Action item:
Work through the material below and count the lines holding the word "second"; give that count and nothing more.

Given information:
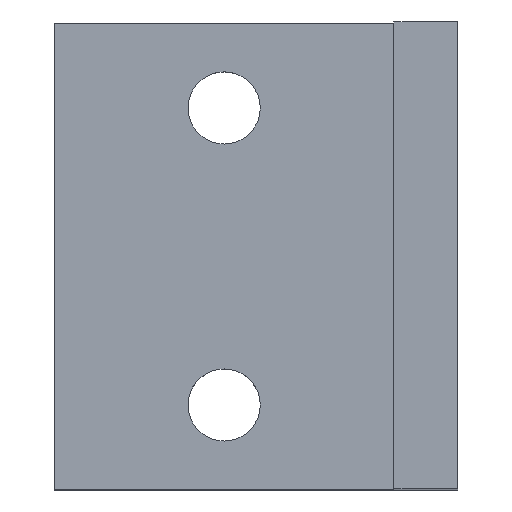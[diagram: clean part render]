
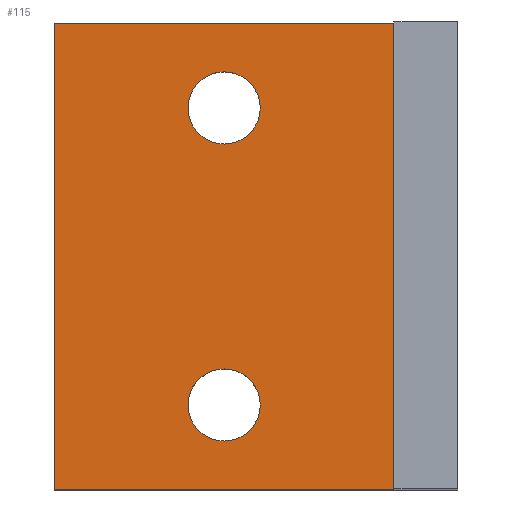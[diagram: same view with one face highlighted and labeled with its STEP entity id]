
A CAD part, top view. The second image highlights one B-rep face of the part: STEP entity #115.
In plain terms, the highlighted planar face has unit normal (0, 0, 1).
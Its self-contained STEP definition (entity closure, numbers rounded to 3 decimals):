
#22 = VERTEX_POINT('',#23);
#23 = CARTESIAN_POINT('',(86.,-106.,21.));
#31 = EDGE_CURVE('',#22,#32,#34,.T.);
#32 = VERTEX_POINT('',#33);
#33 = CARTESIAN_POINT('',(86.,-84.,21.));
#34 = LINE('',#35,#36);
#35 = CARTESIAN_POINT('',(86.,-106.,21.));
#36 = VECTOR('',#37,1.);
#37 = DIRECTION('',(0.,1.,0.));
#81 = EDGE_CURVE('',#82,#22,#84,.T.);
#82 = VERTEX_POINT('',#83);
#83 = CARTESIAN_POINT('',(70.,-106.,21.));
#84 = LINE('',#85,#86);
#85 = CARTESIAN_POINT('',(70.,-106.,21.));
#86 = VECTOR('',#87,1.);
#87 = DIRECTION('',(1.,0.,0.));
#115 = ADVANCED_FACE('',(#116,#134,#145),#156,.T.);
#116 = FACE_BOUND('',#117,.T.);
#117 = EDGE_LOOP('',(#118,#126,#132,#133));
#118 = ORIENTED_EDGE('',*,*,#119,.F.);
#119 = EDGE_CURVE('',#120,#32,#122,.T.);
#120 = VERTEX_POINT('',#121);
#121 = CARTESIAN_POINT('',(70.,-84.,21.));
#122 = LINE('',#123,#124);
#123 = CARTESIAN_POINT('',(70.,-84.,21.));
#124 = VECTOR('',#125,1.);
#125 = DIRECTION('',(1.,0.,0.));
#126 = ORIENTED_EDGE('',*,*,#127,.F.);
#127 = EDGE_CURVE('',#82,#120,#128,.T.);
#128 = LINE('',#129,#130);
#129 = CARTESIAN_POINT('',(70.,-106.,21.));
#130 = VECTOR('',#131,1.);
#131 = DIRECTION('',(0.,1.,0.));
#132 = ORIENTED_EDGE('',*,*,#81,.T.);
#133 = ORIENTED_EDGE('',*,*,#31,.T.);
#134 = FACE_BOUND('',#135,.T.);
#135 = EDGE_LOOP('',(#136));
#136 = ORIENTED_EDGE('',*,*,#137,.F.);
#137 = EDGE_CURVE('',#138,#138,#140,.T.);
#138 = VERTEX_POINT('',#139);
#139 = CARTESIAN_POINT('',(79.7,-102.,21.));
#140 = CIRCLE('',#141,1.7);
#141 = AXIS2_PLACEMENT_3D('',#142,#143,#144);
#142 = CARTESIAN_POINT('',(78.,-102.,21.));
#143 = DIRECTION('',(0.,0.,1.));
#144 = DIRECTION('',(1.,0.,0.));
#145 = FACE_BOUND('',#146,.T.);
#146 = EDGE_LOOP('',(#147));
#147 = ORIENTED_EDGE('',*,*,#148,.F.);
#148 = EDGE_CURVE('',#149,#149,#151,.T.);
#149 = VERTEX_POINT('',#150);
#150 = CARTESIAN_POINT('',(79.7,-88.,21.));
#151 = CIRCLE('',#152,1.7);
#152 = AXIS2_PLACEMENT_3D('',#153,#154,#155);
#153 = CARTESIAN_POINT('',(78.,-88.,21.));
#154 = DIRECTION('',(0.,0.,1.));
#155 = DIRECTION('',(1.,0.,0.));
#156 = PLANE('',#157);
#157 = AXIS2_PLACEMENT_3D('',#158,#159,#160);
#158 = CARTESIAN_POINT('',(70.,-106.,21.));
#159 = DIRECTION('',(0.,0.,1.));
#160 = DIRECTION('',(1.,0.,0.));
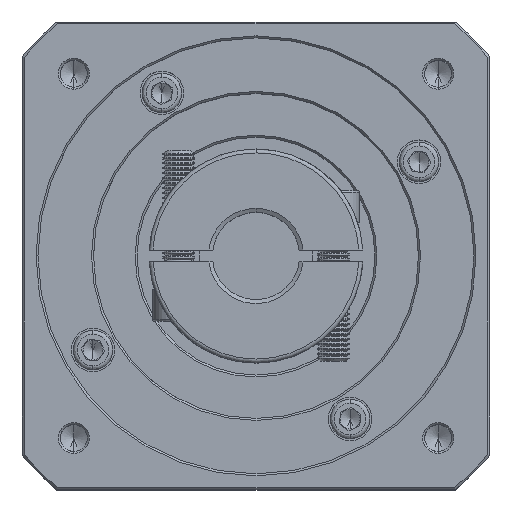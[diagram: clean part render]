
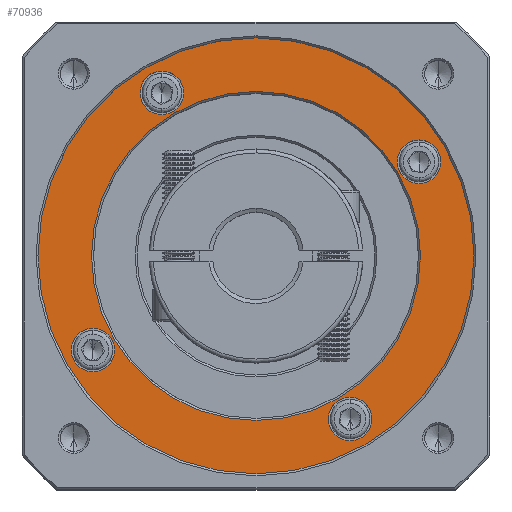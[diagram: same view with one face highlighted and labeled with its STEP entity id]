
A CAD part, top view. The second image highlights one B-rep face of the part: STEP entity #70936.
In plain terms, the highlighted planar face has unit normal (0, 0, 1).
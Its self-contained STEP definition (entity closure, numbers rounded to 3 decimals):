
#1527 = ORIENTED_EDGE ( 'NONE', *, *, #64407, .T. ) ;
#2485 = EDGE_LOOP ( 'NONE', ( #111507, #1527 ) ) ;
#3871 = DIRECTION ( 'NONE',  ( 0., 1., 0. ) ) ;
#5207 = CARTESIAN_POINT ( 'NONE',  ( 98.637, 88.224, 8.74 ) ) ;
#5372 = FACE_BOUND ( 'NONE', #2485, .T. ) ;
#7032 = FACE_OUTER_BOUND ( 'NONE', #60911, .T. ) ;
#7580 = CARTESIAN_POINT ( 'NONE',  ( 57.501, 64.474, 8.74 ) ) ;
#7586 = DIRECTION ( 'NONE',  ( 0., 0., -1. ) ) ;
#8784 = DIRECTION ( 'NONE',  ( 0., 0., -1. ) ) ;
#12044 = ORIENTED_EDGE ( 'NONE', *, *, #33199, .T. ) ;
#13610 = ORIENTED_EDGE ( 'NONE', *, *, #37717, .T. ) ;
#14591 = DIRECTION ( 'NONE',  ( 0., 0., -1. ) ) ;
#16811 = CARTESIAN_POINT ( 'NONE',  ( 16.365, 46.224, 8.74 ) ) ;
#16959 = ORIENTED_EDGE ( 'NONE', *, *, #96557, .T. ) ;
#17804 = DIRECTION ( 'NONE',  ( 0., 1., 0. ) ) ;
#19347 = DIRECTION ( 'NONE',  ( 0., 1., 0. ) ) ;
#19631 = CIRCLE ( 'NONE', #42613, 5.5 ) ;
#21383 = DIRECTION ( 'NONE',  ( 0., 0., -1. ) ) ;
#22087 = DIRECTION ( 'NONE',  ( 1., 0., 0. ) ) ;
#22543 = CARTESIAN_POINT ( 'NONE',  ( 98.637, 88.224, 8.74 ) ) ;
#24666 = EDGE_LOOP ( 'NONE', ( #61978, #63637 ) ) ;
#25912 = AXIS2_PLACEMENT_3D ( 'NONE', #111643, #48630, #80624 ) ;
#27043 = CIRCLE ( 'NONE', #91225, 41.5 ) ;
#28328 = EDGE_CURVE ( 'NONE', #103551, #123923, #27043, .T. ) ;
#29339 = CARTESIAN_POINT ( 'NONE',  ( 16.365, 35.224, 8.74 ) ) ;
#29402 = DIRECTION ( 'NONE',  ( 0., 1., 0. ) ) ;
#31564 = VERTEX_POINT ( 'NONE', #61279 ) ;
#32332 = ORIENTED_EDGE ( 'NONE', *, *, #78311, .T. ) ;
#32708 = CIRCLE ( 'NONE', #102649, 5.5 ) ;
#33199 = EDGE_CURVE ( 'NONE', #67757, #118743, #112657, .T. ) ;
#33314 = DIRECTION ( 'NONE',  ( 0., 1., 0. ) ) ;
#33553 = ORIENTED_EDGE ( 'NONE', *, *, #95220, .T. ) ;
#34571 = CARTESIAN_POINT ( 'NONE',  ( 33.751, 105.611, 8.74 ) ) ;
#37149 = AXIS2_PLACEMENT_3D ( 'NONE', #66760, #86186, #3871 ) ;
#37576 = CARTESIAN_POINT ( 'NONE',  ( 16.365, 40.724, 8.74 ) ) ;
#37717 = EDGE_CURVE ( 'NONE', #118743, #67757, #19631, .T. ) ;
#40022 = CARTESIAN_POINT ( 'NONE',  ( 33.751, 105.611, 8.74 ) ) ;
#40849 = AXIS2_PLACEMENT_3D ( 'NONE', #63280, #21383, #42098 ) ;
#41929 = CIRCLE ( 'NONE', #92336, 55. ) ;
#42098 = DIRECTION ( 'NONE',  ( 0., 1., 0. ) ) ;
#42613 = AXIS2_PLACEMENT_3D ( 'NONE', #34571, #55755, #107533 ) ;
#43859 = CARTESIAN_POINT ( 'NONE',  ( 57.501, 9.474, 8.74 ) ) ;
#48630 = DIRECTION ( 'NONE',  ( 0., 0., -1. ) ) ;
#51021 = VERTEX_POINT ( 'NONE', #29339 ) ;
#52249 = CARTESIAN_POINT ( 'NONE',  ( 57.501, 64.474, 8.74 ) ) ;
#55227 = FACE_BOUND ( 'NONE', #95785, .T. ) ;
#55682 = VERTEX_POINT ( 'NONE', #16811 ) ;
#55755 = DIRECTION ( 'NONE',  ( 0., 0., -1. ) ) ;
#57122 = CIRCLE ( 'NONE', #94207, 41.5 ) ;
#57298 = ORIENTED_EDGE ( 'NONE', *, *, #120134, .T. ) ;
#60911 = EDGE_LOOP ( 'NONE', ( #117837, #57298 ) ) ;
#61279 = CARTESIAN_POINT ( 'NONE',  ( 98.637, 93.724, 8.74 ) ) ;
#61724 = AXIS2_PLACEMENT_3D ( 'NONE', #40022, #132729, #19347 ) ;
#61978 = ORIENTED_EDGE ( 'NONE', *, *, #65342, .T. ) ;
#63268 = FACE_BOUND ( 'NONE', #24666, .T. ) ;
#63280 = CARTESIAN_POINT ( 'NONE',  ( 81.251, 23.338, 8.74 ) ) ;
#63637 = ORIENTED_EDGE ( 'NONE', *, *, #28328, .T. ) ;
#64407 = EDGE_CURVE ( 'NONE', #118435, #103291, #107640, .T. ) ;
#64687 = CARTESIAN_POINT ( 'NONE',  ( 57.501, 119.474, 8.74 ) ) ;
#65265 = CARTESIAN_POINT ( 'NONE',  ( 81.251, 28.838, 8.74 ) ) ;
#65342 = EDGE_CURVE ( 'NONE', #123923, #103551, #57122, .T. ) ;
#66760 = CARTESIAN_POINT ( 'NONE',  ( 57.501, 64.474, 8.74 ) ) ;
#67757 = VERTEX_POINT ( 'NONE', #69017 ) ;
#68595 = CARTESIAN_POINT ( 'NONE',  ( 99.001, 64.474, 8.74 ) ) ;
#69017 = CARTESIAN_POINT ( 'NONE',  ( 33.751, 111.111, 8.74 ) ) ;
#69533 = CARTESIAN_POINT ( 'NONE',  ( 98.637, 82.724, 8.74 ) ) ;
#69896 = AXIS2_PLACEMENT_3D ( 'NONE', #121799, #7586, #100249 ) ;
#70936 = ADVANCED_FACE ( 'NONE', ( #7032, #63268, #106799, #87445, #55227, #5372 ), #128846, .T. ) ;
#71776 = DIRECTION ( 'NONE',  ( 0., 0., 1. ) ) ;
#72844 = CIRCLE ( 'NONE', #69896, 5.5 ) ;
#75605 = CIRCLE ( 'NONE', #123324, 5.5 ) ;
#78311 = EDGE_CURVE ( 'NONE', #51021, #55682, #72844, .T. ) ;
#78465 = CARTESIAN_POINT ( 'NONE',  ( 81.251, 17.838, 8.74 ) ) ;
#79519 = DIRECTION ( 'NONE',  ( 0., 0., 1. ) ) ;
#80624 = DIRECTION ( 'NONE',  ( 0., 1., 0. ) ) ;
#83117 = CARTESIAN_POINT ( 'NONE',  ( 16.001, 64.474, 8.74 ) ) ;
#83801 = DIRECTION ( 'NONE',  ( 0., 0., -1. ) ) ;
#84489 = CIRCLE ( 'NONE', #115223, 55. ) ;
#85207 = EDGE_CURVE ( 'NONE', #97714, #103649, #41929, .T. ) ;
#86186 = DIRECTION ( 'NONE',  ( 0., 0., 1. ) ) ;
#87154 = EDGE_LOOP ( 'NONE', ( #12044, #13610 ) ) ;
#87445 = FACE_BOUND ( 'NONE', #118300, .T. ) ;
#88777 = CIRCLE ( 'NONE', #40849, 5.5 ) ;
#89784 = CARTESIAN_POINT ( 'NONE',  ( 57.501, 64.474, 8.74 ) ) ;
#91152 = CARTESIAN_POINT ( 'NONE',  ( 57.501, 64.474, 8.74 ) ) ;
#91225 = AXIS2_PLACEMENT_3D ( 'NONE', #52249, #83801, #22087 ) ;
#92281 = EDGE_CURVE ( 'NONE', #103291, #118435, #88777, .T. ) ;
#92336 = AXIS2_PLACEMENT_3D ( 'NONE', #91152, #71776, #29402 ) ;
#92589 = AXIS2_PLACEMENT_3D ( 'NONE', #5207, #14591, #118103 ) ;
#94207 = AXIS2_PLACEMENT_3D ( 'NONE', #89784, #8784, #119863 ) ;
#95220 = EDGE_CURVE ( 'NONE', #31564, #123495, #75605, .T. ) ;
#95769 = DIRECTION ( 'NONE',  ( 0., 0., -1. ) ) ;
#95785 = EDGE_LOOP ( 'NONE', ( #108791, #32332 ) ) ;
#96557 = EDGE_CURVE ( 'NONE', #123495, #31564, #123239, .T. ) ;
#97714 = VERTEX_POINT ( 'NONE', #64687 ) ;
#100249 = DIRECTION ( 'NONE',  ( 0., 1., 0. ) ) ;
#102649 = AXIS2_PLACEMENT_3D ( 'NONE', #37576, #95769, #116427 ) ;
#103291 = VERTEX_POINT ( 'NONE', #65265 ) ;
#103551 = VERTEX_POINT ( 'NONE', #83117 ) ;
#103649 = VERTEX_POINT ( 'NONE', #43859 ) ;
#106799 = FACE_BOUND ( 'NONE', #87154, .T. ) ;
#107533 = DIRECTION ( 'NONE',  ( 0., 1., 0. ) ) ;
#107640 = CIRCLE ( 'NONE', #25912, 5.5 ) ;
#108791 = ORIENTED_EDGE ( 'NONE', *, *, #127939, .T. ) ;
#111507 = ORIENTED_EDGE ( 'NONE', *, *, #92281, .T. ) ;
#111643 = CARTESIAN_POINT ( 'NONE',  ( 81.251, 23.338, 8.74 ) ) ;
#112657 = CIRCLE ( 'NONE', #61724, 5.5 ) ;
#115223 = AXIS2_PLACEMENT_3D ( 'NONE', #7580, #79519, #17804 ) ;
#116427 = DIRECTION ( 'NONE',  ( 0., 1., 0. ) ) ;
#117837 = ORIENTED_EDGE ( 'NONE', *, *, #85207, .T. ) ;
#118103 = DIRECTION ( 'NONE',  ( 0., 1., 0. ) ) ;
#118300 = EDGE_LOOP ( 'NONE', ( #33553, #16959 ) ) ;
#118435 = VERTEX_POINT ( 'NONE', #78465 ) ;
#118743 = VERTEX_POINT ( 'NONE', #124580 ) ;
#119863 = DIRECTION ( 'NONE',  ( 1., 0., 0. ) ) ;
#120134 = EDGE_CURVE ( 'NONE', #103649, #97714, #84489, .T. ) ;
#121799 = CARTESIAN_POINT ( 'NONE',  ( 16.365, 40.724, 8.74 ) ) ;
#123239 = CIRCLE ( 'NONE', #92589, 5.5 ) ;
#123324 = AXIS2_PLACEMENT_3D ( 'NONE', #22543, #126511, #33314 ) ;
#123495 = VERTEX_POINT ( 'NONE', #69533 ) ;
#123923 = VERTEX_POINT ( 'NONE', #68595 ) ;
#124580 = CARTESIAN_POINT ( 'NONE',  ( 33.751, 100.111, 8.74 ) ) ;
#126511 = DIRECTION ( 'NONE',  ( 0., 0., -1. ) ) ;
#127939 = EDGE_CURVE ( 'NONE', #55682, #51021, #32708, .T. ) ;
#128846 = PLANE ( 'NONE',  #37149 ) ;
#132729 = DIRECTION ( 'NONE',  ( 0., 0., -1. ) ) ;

Response to the task:
2